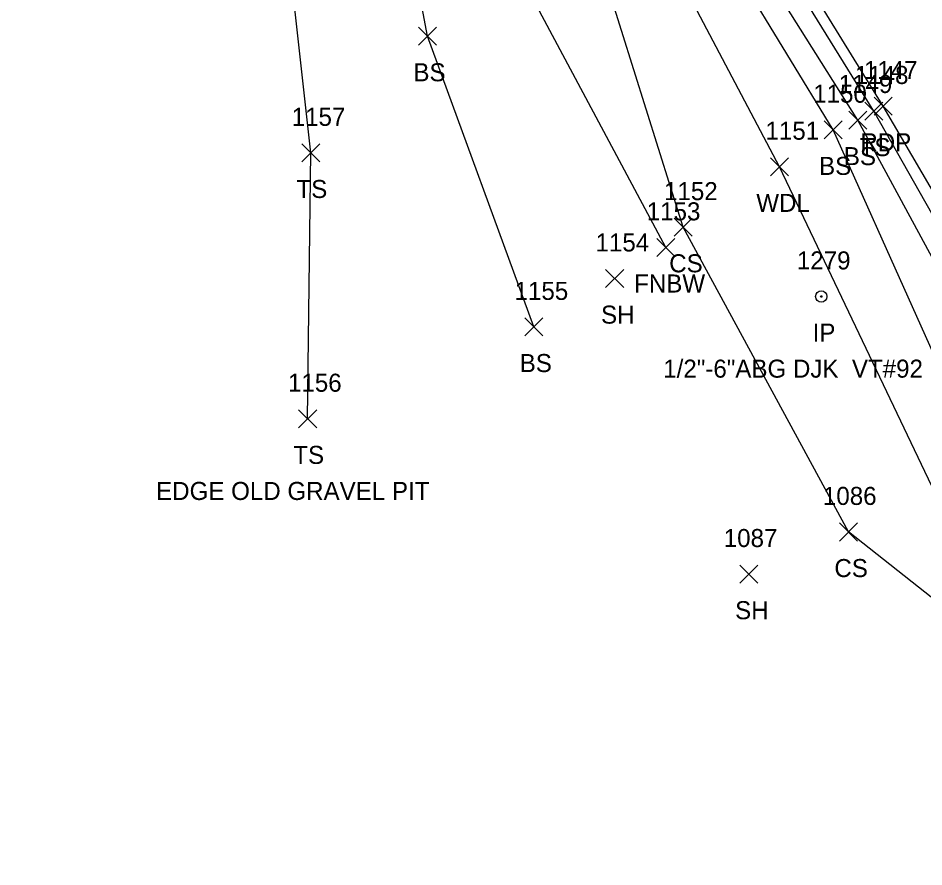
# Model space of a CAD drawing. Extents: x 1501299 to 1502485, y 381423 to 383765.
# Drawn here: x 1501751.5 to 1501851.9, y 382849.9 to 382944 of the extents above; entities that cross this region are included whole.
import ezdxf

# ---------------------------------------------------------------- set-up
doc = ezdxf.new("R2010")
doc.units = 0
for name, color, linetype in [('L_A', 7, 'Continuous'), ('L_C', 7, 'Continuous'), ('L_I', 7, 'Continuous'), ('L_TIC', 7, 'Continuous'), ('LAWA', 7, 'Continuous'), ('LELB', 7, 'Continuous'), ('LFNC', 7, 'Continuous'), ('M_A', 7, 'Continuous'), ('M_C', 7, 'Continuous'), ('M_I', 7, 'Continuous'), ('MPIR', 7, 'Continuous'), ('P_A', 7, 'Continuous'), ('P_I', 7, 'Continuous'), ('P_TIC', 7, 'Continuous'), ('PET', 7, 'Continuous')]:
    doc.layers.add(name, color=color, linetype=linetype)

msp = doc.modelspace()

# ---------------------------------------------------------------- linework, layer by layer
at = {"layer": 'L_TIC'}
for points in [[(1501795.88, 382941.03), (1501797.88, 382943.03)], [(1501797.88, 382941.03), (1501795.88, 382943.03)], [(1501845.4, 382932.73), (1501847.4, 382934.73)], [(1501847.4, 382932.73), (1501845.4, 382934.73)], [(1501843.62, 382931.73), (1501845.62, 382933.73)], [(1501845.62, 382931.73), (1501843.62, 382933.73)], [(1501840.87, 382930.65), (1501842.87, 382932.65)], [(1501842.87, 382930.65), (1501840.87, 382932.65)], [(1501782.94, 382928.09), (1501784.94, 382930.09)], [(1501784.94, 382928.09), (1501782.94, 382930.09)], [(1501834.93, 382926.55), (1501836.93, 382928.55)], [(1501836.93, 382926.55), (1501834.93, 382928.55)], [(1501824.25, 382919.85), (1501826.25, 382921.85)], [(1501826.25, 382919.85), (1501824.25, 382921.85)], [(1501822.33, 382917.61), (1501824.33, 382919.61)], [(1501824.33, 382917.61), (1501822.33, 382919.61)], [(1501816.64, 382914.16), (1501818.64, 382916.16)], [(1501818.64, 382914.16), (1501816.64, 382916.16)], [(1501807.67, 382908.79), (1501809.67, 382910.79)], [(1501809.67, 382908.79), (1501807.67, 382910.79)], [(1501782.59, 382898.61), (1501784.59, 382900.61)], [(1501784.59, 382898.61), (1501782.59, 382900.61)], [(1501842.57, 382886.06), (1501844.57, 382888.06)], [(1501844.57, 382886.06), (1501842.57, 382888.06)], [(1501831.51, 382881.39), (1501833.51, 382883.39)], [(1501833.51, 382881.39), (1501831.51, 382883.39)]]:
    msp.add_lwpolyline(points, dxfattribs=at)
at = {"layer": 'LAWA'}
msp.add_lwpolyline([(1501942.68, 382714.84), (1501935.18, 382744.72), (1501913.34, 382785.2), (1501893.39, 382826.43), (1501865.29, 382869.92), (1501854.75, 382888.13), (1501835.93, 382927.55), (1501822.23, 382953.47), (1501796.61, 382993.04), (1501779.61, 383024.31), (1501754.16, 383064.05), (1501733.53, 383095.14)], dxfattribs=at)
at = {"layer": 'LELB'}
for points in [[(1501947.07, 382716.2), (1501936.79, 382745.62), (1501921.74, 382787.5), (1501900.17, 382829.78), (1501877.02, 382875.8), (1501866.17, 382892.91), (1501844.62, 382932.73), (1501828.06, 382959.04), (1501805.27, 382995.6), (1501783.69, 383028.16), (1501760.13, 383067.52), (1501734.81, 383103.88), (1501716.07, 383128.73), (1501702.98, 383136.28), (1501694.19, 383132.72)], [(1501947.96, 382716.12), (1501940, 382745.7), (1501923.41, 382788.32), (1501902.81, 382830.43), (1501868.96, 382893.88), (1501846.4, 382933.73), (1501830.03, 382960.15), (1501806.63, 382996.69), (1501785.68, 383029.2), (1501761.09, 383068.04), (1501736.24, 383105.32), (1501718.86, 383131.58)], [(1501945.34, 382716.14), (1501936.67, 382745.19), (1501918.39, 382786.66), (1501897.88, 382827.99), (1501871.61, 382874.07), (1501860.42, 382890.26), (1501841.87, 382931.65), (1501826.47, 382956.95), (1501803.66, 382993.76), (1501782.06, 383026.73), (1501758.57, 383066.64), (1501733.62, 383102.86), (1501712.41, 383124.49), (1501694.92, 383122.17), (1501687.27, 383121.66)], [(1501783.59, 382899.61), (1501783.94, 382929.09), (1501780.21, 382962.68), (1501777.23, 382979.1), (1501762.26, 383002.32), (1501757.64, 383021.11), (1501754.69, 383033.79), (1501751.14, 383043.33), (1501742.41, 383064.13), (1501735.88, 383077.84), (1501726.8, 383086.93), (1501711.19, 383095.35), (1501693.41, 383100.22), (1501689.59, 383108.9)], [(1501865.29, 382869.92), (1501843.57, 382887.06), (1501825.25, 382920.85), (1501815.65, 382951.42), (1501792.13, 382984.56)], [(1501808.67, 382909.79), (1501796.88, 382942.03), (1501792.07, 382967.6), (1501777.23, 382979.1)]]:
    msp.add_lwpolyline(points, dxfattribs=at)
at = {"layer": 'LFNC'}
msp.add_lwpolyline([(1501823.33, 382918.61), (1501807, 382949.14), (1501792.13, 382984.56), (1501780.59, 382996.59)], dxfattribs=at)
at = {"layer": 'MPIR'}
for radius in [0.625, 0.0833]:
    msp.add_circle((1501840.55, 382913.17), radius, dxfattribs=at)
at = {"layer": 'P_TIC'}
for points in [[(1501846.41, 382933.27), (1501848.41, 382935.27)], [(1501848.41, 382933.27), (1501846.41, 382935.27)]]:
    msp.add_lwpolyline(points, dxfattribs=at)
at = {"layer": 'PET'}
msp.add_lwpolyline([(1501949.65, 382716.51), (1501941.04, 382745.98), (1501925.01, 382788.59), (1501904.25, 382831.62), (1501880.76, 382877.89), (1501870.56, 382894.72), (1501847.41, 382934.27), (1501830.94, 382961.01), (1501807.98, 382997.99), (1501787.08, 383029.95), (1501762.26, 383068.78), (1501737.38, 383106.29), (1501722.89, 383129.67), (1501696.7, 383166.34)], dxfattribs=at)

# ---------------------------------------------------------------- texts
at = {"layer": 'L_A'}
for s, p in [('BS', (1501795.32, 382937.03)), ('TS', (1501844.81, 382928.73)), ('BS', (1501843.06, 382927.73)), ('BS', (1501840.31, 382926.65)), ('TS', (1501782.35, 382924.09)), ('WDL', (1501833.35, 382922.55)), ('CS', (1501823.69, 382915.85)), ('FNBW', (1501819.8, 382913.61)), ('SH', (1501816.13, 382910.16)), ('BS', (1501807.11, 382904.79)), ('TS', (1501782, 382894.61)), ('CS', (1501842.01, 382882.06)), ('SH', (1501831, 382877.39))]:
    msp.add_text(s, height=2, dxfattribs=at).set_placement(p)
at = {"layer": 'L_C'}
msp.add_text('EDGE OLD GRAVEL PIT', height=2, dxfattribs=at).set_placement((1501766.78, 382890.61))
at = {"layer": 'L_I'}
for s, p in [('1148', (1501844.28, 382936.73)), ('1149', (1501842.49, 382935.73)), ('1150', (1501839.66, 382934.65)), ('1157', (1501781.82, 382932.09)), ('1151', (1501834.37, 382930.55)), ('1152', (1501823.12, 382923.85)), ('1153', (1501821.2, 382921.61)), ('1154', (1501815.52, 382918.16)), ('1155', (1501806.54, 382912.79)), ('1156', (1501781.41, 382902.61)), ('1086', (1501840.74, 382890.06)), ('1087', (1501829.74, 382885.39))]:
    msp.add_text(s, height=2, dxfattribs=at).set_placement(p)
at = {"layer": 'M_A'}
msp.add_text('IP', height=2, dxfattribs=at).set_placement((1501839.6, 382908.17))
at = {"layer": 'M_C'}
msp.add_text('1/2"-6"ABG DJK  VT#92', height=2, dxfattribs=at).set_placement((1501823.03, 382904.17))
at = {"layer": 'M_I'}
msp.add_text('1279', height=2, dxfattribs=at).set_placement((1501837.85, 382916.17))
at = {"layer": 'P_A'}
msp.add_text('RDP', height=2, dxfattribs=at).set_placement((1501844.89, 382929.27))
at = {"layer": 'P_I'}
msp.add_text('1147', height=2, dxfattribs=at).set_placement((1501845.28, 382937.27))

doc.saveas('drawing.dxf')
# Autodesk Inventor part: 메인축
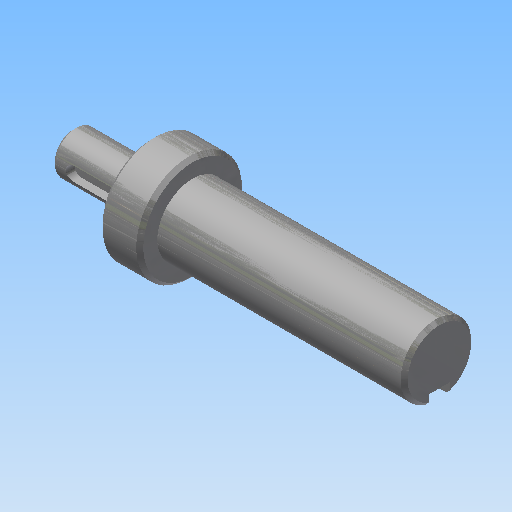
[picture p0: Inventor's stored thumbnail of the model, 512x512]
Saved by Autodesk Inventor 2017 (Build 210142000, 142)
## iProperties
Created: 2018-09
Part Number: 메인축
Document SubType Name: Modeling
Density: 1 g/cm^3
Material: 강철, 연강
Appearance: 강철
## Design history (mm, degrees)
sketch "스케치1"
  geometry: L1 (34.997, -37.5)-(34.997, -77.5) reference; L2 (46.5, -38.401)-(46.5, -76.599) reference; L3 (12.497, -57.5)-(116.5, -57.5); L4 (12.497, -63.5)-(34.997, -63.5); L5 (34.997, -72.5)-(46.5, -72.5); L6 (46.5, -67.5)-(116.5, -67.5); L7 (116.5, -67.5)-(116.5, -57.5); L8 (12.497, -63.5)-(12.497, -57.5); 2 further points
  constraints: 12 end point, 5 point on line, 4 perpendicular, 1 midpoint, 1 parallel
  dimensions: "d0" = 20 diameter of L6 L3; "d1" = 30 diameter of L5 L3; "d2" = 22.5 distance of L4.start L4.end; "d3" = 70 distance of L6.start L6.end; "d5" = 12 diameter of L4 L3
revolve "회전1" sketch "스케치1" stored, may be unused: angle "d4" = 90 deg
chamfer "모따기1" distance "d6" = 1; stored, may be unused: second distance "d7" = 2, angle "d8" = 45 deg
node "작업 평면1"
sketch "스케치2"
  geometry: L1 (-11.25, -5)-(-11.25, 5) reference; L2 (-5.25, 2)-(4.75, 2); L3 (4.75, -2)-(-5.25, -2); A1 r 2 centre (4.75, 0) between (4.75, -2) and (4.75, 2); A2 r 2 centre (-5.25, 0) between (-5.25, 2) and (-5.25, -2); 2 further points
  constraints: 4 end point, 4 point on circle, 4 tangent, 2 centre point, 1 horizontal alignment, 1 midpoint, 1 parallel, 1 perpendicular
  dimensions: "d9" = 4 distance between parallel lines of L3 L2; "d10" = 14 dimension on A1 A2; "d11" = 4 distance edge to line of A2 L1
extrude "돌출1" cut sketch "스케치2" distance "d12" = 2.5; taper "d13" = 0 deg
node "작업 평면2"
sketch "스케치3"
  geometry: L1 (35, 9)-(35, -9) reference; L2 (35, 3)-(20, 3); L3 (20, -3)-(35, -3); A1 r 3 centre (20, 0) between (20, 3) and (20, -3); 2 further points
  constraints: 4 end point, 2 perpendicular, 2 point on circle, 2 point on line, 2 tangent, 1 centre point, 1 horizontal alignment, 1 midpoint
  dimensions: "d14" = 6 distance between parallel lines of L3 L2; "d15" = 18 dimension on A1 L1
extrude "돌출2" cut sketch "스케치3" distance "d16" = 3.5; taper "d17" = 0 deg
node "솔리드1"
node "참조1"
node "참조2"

**EXERCISE GOAL:**
Which lines of the data contain the string "sketch"? Copy each of them.

**COMPLETED EXERCISE:**
sketch "스케치1"
revolve "회전1" sketch "스케치1" stored, may be unused: angle "d4" = 90 deg
sketch "스케치2"
extrude "돌출1" cut sketch "스케치2" distance "d12" = 2.5; taper "d13" = 0 deg
sketch "스케치3"
extrude "돌출2" cut sketch "스케치3" distance "d16" = 3.5; taper "d17" = 0 deg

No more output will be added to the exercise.